**Dataset excerpts**:
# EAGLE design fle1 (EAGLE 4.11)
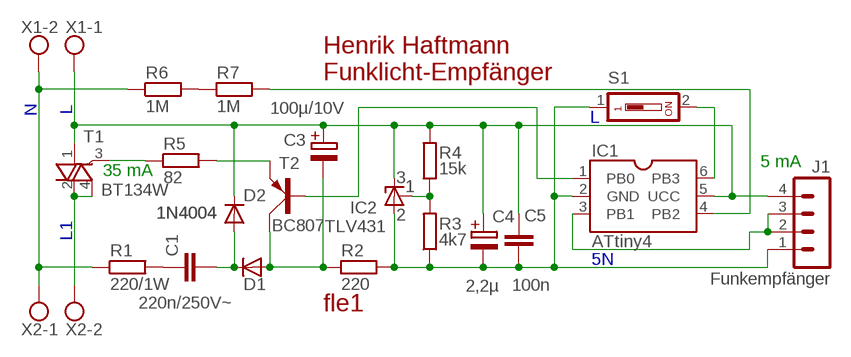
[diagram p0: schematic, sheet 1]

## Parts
C1  220n/250V~  C15  [C150-084X183]
C3  100µ/10V  E01-5  [E01-5]
C4  2,2µ  E01-5  [E01-5]
C5  100n  C0805  [0805]
D1  1N4004  D  [MINIMELF]
D2  1N4004  D  [MINIMELF]
IC1  ATtiny4  ATTINY4  [SOT23-6]
IC2  TLV431  TL431DBZ  [SOT23@1]
J1  Funkempfänger  MA04-1  [MA04-1]
R1  220/1W  R05  [R05]
R2  220  R1206  [1206]
R3  4k7  R0805  [0805]
R4  15k  R0805  [0805]
R5  82  R1206  [1206]
R6  1M  R04  [R04]
R7  1M  R04  [R04]
S1  DS01  [DS-01]
T1  BT134W  TRIAC4  [SOT223]
T2  BC807  PNPS  [SOT23]
X1  W237-02P  [W237-132]
X2  W237-02P  [W237-132]

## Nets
5N: C4.- C5.2 IC1.2(GND) IC2.3(A) J1.1 R2.2 R3.1 S1.1
L: C3.+ C4.+ C5.1 D2.K IC1.5(UCC) IC2.1(K) J1.4 R4.1 T1.1(K) X1.1
L1: T1.2(A) T1.4(A) X2.2
N: R1.1 R6.1 X1.2 X2.1
N$1: C1.1 R1.2
N$2: IC1.4(PB2) R7.2
N$3: IC2.2(R) R3.2 R4.2
N$4: C3.- D1.A R2.1 T2.3(C)
N$5: R6.2 R7.1
N$6: IC1.1(PB0) T2.1(B)
N$7: C1.2 D1.K D2.A
N$8: R5.2 T2.2(E)
N$9: R5.1 T1.3(G)
N$10: IC1.6(PB3) S1.2
N$12: IC1.3(PB1) J1.2 J1.3

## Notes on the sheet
- Henrik Haftmann
- Funklicht-Empfänger
- 5 mA
- 35 mA
- 3
- 1
- 2

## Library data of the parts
C1 C5 = fu:C: Kondensator
C3 C4 = fu:E: Elektrolytkondensator, gepolt
D1 D2 = fu:D: Diode
IC1 = fu:ATTINY4: AVR-Mikrocontroller TypFlashRAMADCSignatur ATtiny451232nein0x1E 0x8F 0x0A ATtiny551232ja0x1E 0x8F 0x09 ATtiny9102432nein0x1E 0x90 0x08 ATtiny10102432ja0x1E 0x90 0x03
IC2 = fu:TL431: Querregler
J1 = con-lstb:MA04-1: PIN HEADER
R1-R7 = fu:R: Widerstand
S1 = switch-dil:DS01: DIL/CODE SWITCH
T1 = fu:TRIAC4: Triac 4 Pins
T2 = fu:PNP: pnp-Transistor
X1 X2 = con-wago-508:W237-02P: WAGO SREW CLAMP

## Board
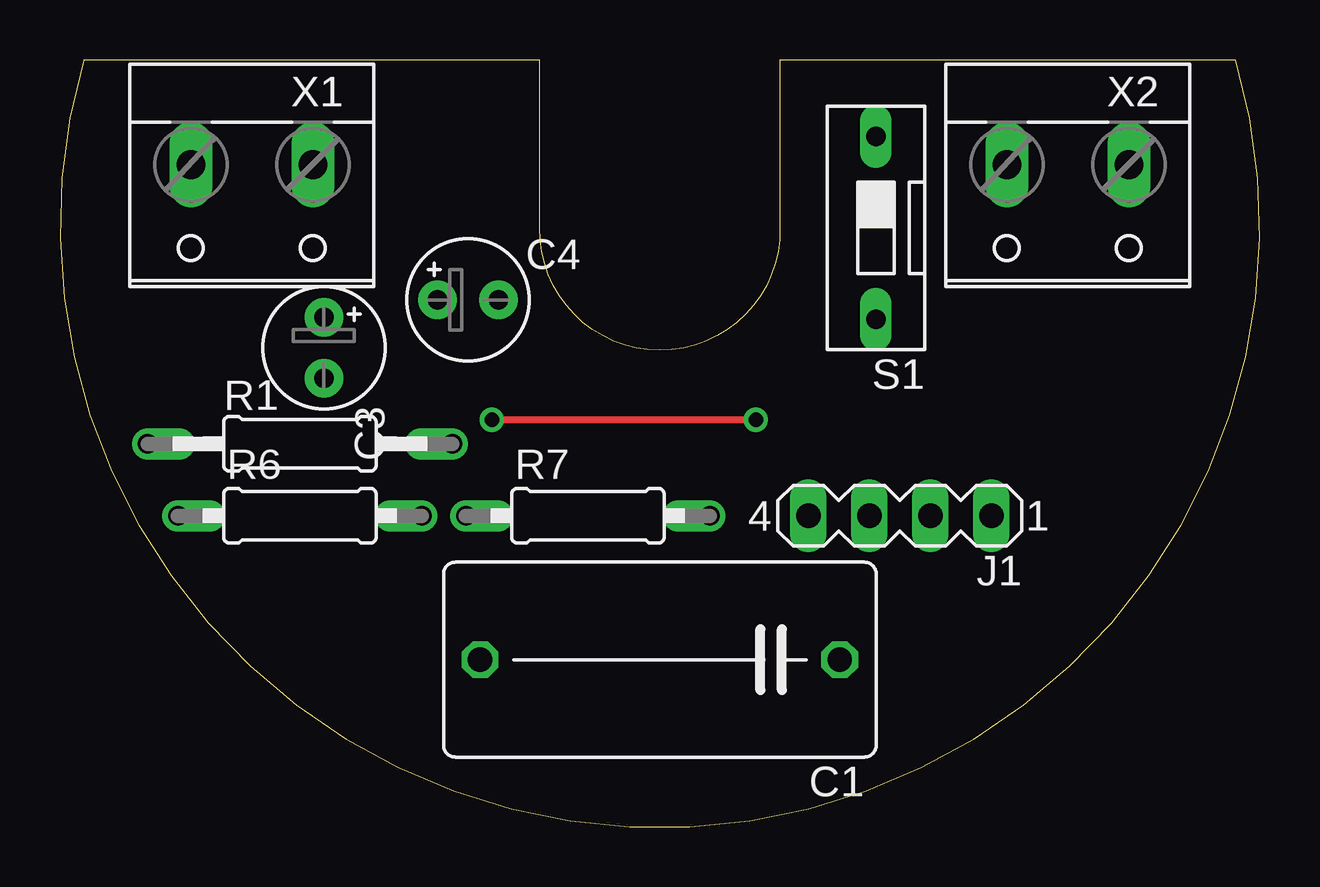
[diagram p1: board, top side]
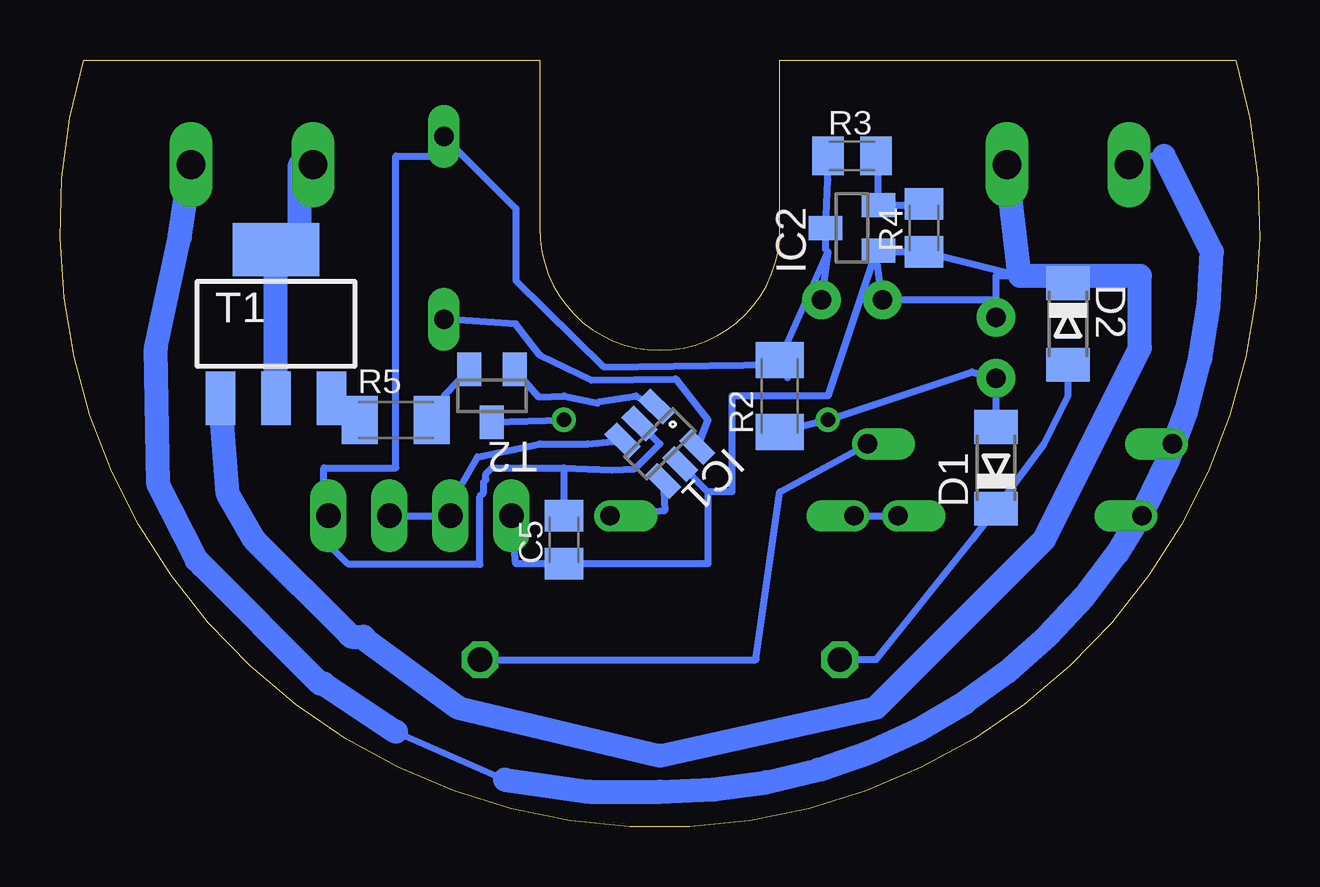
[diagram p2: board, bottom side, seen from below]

Size 49.99 x 31.97 mm. Coordinates in mm from the lower left corner, seen from the top.
Outline: 1,31.97 arc213 49,31.97 30,31.97 30,24.97 arc-182 20,24.97 20,31.97 1,31.97
Copper layers (1*16): Top 0.035mm / dielectric 1.5mm / Bottom 0.035mm
Design rules "default": minimum track width 10mil, minimum drill 0.6mm, track to track 8mil, track to pad 8mil, pad to pad 8mil, via to via 8mil, smd to smd 0mil, copper to edge 0.5mm, drill to drill 8mil, minimum pad ring 10mil, minimum via ring 8mil, stop-mask expansion 4mil, vias tented up to drill 0mil, thermal gap 10mil

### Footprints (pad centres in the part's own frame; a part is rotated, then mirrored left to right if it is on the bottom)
C150-084X183 = drill 1.016 octagon: 1 -7.493,0; 2 7.493,0
E01-5 = drill 0.813 pad 1.6 round: + -1.27,0; - 1.27,0
0805 = smd 1.3 x 1.6: 1 -1,0; 2 1,0
MINIMELF = smd 1.4 x 1.8: A 1.7,0; K -1.7,0
SOT23-6 = smd 0.711 x 1.422: 1 -1,-1.2; 2 0,-1.2; 3 1,-1.2; 4 1,1.2; 5 0,1.2; 6 -1,1.2
SOT23@1 = smd 1 x 1.4: 1 -0.95,-1.1; 2 0.95,-1.1; 3 0,1.1
MA04-1 = drill 1.016 long: 1 -3.81,0; 2 -1.27,0; 3 1.27,0; 4 3.81,0
R05 = drill 0.813 offset: 1 -6.35,0; 2 6.35,0
1206 = smd 1.5 x 2: 1 -1.5,0; 2 1.5,0
R04 = drill 0.813 offset: 1 -5.08,0; 2 5.08,0
DS-01 = drill 0.813 long: 1 0,-3.81; 2 0,3.81
SOT223 = smd 1.219 x 2.235: 1 -2.311,-3.099; 2 0,-3.099; 3 2.311,-3.099 | smd 3.6 x 2.2: 4 0,3.099
SOT23 = smd 1 x 1.4: 1 -0.95,-1.1; 2 0.95,-1.1; 3 0,1.1
W237-132 = drill 1.194 long: 1 -2.54,-0.635; 2 2.54,-0.635

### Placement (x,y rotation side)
C1  25,6.97 180 top
C3  11,19.97 270 top
C4  17,21.97 0 top
C5  29,11.97 90 bottom
D1  11,14.97 90 bottom
D2  8,20.97 270 bottom
IC1  25,15.97 225 bottom
IC2  17,24.97 90 bottom
J1  35,12.97 180 top
R1  10,15.97 0 top
R2  20,17.97 90 bottom
R3  17,27.97 0 bottom
R4  14,24.97 90 bottom
R5  36,16.97 0 bottom
R6  10,12.97 0 top
R7  22,12.97 0 top
S1  34,24.97 180 top
T1  41,20.97 0 bottom
T2  32,17.97 180 bottom
X1  8,26.97 180 top
X2  42,26.97 180 top

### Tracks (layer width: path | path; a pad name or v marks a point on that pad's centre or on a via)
5N
  Bottom 0.3: R3.1 18,26.97 IC2.3 18.1,24.07 18,23.97 | 18,23.97 R2.2 19.68,18.73 19.92,18.97 20,19.97 20.05,19.27 27.35,19.17 31,22.77 31,25.78 S1.1 | 18,23.97 C4.- | IC1.2 25,15.97 26.05,14.92 27,14.87 29,14.97 | 29,14.97 C5.2 | 39,13.16 J1.1 | 39,13.16 39,14.97 36,14.97 36,27.97 34,27.97 S1.1 | S1.1 34,28.97 | 29,14.97 32,14.97 32.25,14.72 32.25,14.47 32.35,14.37 32.35,13.92 32.5,13.77 32.5,10.92 32.55,10.97 38,10.97 39,11.97 39,13.16
L
  Bottom 0.3: 10,22.97 R4.1 16,23.97 | 43,17.97 43.1,17.87 T1.1 | 23,13.97 23,10.97 C5.1 31,10.97 J1.4 | 23,13.97 IC1.5 | 38,7.97 37.95,8.02 | D2.K 8,22.97 10,22.97 | 10,22.97 11,22.97 11,21.97 | 11,20.97 C3.+ 11,21.97 | 16,23.97 C4.+ 11,21.97 | 16,23.97 IC2.1 | 23,13.97 22,13.97 22,17.97 18,17.97 16,23.97
  Bottom 1: T1.1 43,13.87 41.9,11.97 37.95,8.02 37.85,7.92 37.35,7.92 37.23,7.78 33.4,4.97 25,2.97 16,4.97 9,11.97 5,19.97 5,22.97 10,22.97 10.54,27.51 X1.1
L1
  Bottom 1: X2.2 40,27.6 40,23.97 41,23.97 | 41,23.97 T1.4 | T1.2 41,23.97
N
  Bottom 0.3: 39,5.97 44.07,10.89 | 36,3.97 31.45,1.97 | 2,23.97 2,21.97 3,16.97 R6.1 5,12.97 R1.1 | 4,27.97 5,27.97 X1.2
  Bottom 1: X2.1 45,24.6 46,19.97 45.9,14.27 44.3,11.12 44.07,10.89 39.15,5.97 39,5.97 36,3.97 | 31.45,1.97 27.95,1.47 25,1.47 arc-90 2,23.97 4,27.97
N$1
  Bottom 0.3: R1.2 20,13.97 21,6.97 C1.1
N$2
  Bottom 0.3: IC1.4 24.8,13.17 R7.2
N$3
  Bottom 0.3: R3.2 15.95,27.92 IC2.2 14.05,25.92 R4.2
N$4  (via drill 0.6 pad 0.6)
  Top 0.3: v29,16.97 v18,16.97
  Bottom 0.3: T2.3 v29,16.97 | C3.- 11,18.97 | C3.- D1.A | C3.- 12,18.97 v18,16.97 R2.1
N$5
  Bottom 0.3: R7.1 R6.2
N$6
  Bottom 0.3: T2.1 30.05,17.92 29,17.97 27.59,17.66 27.52,17.73 26,17.97 IC1.1
N$7
  Bottom 0.3: D2.A 8,17.97 9,15.97 D1.K 12,11.97 16,6.97 C1.2
N$8
  Bottom 0.3: T2.2 33.95,18.02 R5.2
N$9
  Bottom 0.3: T1.3 38.69,17.28 R5.1
N$10
  Bottom 0.3: IC1.6 23,16.97 24.35,18.67 27.85,18.62 30,19.67 31,20.97 S1.2
N$12
  Bottom 0.3: 34,12.97 J1.3 | 34,12.97 32.6,15.42 30,15.97 28,15.97 IC1.3 | J1.2 34,12.97

**Aim of the exercise**:
Wherever the string "offset" is found in the entries, copy the line it sits in.

**Result for this task**:
R05 = drill 0.813 offset: 1 -6.35,0; 2 6.35,0
R04 = drill 0.813 offset: 1 -5.08,0; 2 5.08,0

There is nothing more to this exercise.